A few years ago, we had him tethered in the backyard and I wasn't watching him closely enough. To make a long story really short, he was chased by a fox and has not been outside since, especially now that we live in the suburbs and hawks and foxes are way more common. That's ok. He gets plenty of exercise inside.

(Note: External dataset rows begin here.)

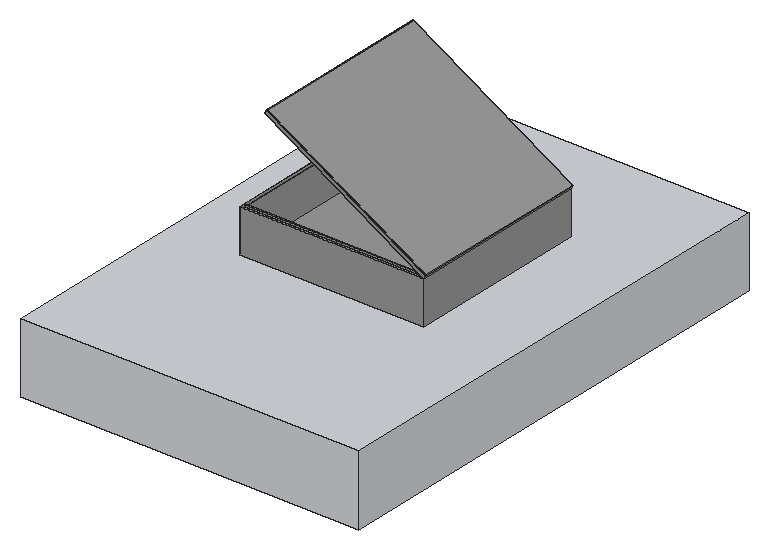
Revit family "Hager-Univers-IP54-D205-H800-Cl.I-Encl-CH-fr", category Equipement électrique, Revit 2020
Family settings
  Hôte = Face
  Configuration du panneau = Deux colonnes, circuits au sein
  Cote de connecteur circulaire = Utiliser le diamètre
  Type d'élément = Tableau de raccordement
  Couper avec des vides une fois chargée = Non
  Partagée = Non
  Point de calcul de pièce = Non
Parameters (values of type "saillie IP54 L800 H800 P205  - FP53TW2")
  Width Control [instance] = if([EF000008 - largeur] > Min Width, [EF000008 - largeur], Min Width)  # 800 mm
  Commentaires du type = [HG000003 - Gamme]  # "Univers"
  Thickness Door [instance] = if([EF009171 - épaisseur de matériau de la porte/du couvercle] > 3 mm, 3 mm, [EF009171 - épaisseur de matériau de la porte/du couvercle])  # 1 mm
  Seal Frame Offset [instance] = 17 mm  # constant formula
  Plinth Visibility [instance] = [HG000027 - Hauteur du socle] > 0 mm  # no
  Model = ""
  Min Width [instance] = 100 mm  # constant formula
  Min Height [instance] = 100 mm  # constant formula
  Min Depth [instance] = (2 * [EF009170 - épaisseur de matériau du boîtier]) + 1 mm  # 3 mm
  Internal Frame Depth [instance] = (Door System Depth * 0.5)  # 9 mm
  Height Control [instance] = if([EF000040 - hauteur] > Min Height, [EF000040 - hauteur], Min Height)  # 800 mm
  HG000027 - Hauteur du socle = 0 mm
  HG000026 - Installation au sol = no
  HG000024 - Hauteur de la section basse = 800 mm
  HG000023 - Armoire double section = no
  HG000016 - Visibilité de la porte 3D [instance] = yes
  HG000015 - Visibilité de l'emprise de la porte [instance] = no
  HG000014 - Porte à droite [instance] = yes
  HG000013 - Porte à gauche [instance] = not([HG000014 - Porte à droite])  # no
  HG000012 - Angle de pivotement de la porte [instance] = 30.00°
  HG000010 - Portes asymétriques = no
  HG000009 - Porte à double battant = no
  HG000006 - Encastré = no
  HG000004 - Référence fabricant = "FP53TW2"
  HG000003 - Gamme = "Univers"
  HG000002 - avec porte = yes
  Frame Offset Bottom [instance] = 10 mm  # constant formula
  Frame Offset [instance] = 15 mm  # constant formula
  EF015940 - couvercle avec décharge de pression = no
  EF011959 - degré de protection (NEMA) = ""
  EF009554 - nombre d'ouvertures pour plaques à bride = 6
  Fabricant = "Hager"  # constant formula
  EF009212 - finition du couvercle = "EV000116 - fermé"
  EF009171 - épaisseur de matériau de la porte/du couvercle = 1 mm
  EF009170 - épaisseur de matériau du boîtier = 1 mm
  EF008873 - courant nominal (In) = 250 A
  EF007800 - adapté à un parafoudre = no
  EF006306 - avec serrure = no
  EF006244 - couvercle/porte transparent(e) = no
  EF005474 - indice de protection (IP) = "EV006419 - IP54"
  EF004464 - type de porte = "EV002646 - unique"
  EF004427 - nombre de modules = 180
  EF004293 - indice de protection contre les chocs (IK) = "EV006815 - IK09"
  EF003532 - convient pour utilisation à l’extérieur = no
  EF002950 - largeur en nombre de modules = 36
  EF001613 - maintien de fonction = "EV000494 - sans"
  EF001596 - matériau du boîtier/corps = "EV000179 - acier"
  EF001131 - profondeur intérieure = 205 mm
  EF001088 - possibilité de montage en saillie = yes
  EF000437 - nombre d'entrées de conduit = 6
  EF000339 - type de capot = "EV001012 - couvercle"
  EF000266 - nombre de rangées = 5
  EF000218 - profondeur d'encastrement = 205 mm
  EF000118 - avec cadre/support de montage = no
  EF000116 - numéro RAL = "9010"
  EF000049 - profondeur = 205 mm
  EF000040 - hauteur = 800 mm
  EF000008 - largeur = 800 mm
  EF000007 - couleur = "EV000202 - blanc"
  EF000003 - mode de pose = "EV000384 - saillie"
  Door System Leaf Tolerance [instance] = 1.5 mm  # constant formula
  Door System Depth [instance] = 18 mm  # constant formula
  Door Height [instance] = Height Control - [HG000027 - Hauteur du socle]  # 800 mm
  Depth Control [instance] = if([EF000049 - profondeur] > Min Depth, [EF000049 - profondeur], Min Depth)  # 205 mm
  Default Elevation = 0 mm
  Connector Offset [instance] = Height Control / 2  # 400 mm
  Bottom Top Plate Trim [instance] = 1.5 mm  # constant formula
  Plinth height Ctrl [instance] = if([HG000027 - Hauteur du socle] > 0 mm, [HG000027 - Hauteur du socle], 12 mm)  # 12 mm
Types (5, lengths in mm): name | Width Control | HG000004 - Référence fabricant | EF009554 - nombre d'ouvertures pour plaques à bride | EF004464 - type de porte | EF004427 - nombre de modules | EF002950 - largeur en nombre de modules | EF000437 - nombre d'entrées de conduit | EF000008 - largeur
  saillie IP54 L1050 H800 P205  - FP54TW2 | 1050 | "FP54TW2" | 8 | "EV003602 - double" | 240 | 48 | 8 | 1050
  saillie IP54 L1300 H800 P205  - FP55TW2 | 1300 | "FP55TW2" | 10 | "EV003602 - double" | 300 | 60 | 10 | 1300
  saillie IP54 L300 H800 P205  - FP51TW2 | 300 | "FP51TW2" | 2 | "EV002646 - unique" | 60 | 12 | 2 | 300
  saillie IP54 L550 H800 P205  - FP52TW2 | 550 | "FP52TW2" | 4 | "EV002646 - unique" | 120 | 24 | 4 | 550
  saillie IP54 L800 H800 P205  - FP53TW2 | 800 | "FP53TW2" | 6 | "EV002646 - unique" | 180 | 36 | 6 | 800
Reference planes
  plane 1 "Center (Front/Back)": y = 0
  plane 2: z = 0
  plane 3 "Center (Left/Right)": x = 0
  plane 4: z = 205
  plane 5: y = 1
  plane 6: y = 400
  plane 7: y = 0
  plane 8: y = 800
  plane 9: z = 0
  plane 10: x = -385
  plane 11: x = 385
  plane 12: x = 384
  plane 13: x = -384
  plane 14: y = 799
  plane 15: x = -383
  plane 16: x = -400
  plane 17: x = 383
  plane 18: x = 400
  plane 19: x = 399
  plane 20: x = -399
  plane 21: y = 11
  plane 22: y = 800
  plane 23: y = 784
  plane 24: z = 187
  plane 25: z = 1
  plane 26: z = 186
  plane 27: z = 204
Forms (mm)
  Extrusion 1, solid
    sketch origin (0, 0, 0) x (1, 0, 0) y (0, 1, 0)
      loop
        line (-702.964, 1305) -> (-702.964, -811.445) -> (766.763, -811.445) -> (766.763, 1305) -> (-702.964, 1305)
    from 0 to -304.8
  Extrusion 2, solid, material "Hager_Steel_RAL7035_Light_Grey", visible <- "Plinth Visibility", detail levels medium+fine
    sketch origin (0, 0, 0) x (1, 0, 0) y (0, 1, 0)
      loop
        line (-400, 0) -> (400, 0) -> (400, 12) -> (-400, 12) -> (-400, 0)
    from 0 to 187
  Extrusion 3, solid, material "Hager_Steel_RAL7035_Light_Grey", detail levels medium+fine
    sketch origin (0, 0, 0) x (1, 0, 0) y (0, 1, 0)
      loop
        line (-400, 0) -> (400, 0) -> (400, 800) -> (-400, 800) -> (-400, 0)
    from 0 to 187
  Extrusion 4, void
    sketch origin (0, 0, 0) x (1, 0, 0) y (0, 1, 0)
      loop
        line (-399, 1) -> (399, 1) -> (399, 799) -> (-399, 799) -> (-399, 1)
    from 1 to 186
  Extrusion 5, void
    sketch origin (-381.607, -4572, 187) x (0, -1, 0) y (-1, 0, 0)
      loop
        line (-4583, 2.393) -> (-5356, 2.393) -> (-5356, -765.607) -> (-4583, -765.607) -> (-4583, 2.393)
    from 0 to 1 <- "EF009170 - épaisseur de matériau du boîtier"
  Extrusion 6, solid, material "Hager_Steel_RAL7035_Light_Grey", detail levels fine
    sketch origin (0, 0, 187) x (1, 0, 0) y (0, 1, 0)
      loop
        line (-384, 784) -> (-384, 11) -> (384, 11) -> (384, 784) -> (-384, 784)
      loop
        line (-385, 10) -> (385, 10) -> (385, 785) -> (-385, 785) -> (-385, 10)
    from 0 to 9 <- "Internal Frame Depth"
  Extrusion 7, solid, material "Hager_Steel_RAL7035_Light_Grey", detail levels coarse
    sketch origin (0, 0, 0) x (1, 0, 0) y (0, 1, 0)
      loop
        line (-400, 0) -> (400, 0) -> (400, 800) -> (-400, 800) -> (-400, 0)
    from 0 to 205
  Sweep 8, void
    path in 3D
      loop
        line (-400, 12, 0) -> (400, 12, 0) -> (400, 12, 187) -> (-400, 12, 187) -> (-400, 12, 0)
    profile origin (-400, 12, 93.5) x (-1, 0, 0) y (0, -1, 0)
      loop
        line (0, 0) -> (0, 1.5) -> (-1.5, 1.5)
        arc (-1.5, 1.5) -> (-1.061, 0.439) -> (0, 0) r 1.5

Anyone else have other pets besides dogs or cats?

Later,
Bonni


----------



## Vierka (Apr 10, 2005)

We have 6 fishes...  (in addition to Kia and currently 4 Golden puppies).
Even though many people see only 1 or 2 fishes in the aquarium, there actually are more playing in the constantly overgrowing water plants - and they are good at hiding.
These fishes are extremely sturdy! You would not believe the temperature changes they are able to withstand (not that we have done any kind of extensive testing )!
Kia, our Golden, likes to watch them from time to time when she relaxes on our couch...  
We had lots of snails (our 10 year old friend Jesika counted 50 at one time) being friendly with the fishes in the aquarium, but there are no longer in large numbers (it's a mystery).

Bon, I absolutely MUST meet Niblet. I think you should have kept the name moo cow... it's hilarious.


----------



## rose4bud (Apr 27, 2005)

Hello Bonni,

My wife and I have, three parrots, one bunny and one large salt water reef tank in the house.

This coming Saturday we're going to pickup our new 10 week old baby golden girl. In time and with alot adult supervision, I'm sure all the animals will be fine with one another.

Stay tuned for developing stories and pictures in the coming weeks.


Have a good evening,
The Rose Family


----------



## Vierka (Apr 10, 2005)

That will surely make for some interesting stories!  Please keep us posted.


----------



## Coopersmum (Apr 13, 2005)

My dad was terrible at guessing the sex of our animals. We had a rabbit called Priscilla that turned out to be a male so he got called prissy and a budgie called Sandra that also was a male so we changed him to Sandy!


----------



## Bonni (Apr 12, 2005)

Niblet started out as Nibbles because we thought he was a girl. We took him to a groomer right when we first got him, to get his nails trimmed (I had no idea how to do it myself) and when I picked him up, he had a pretty little pink bow in his hair.

At our first visit to the vet later that year, we found out that he was a boy. We were quite shocked. Then he was neutered so now he's neither!  He was a cute girl though. Apparently, bunnies to express their gender until at least 3 months of age. So, he was just a tiny little baby when we got him. 

I have pictures of him from when he was a baby. I should try to scan them and post them. He's adorable.

Later,
Bon


----------



## Bonni (Apr 12, 2005)

*Oops*

I meant to say "bunnies DON'T express their gender". My English/typing skills are truly lacking these days.  

Sorry
Bonni


----------



## Coopersmum (Apr 13, 2005)

Yes, please post the pictures for us!! Would love to see it.


----------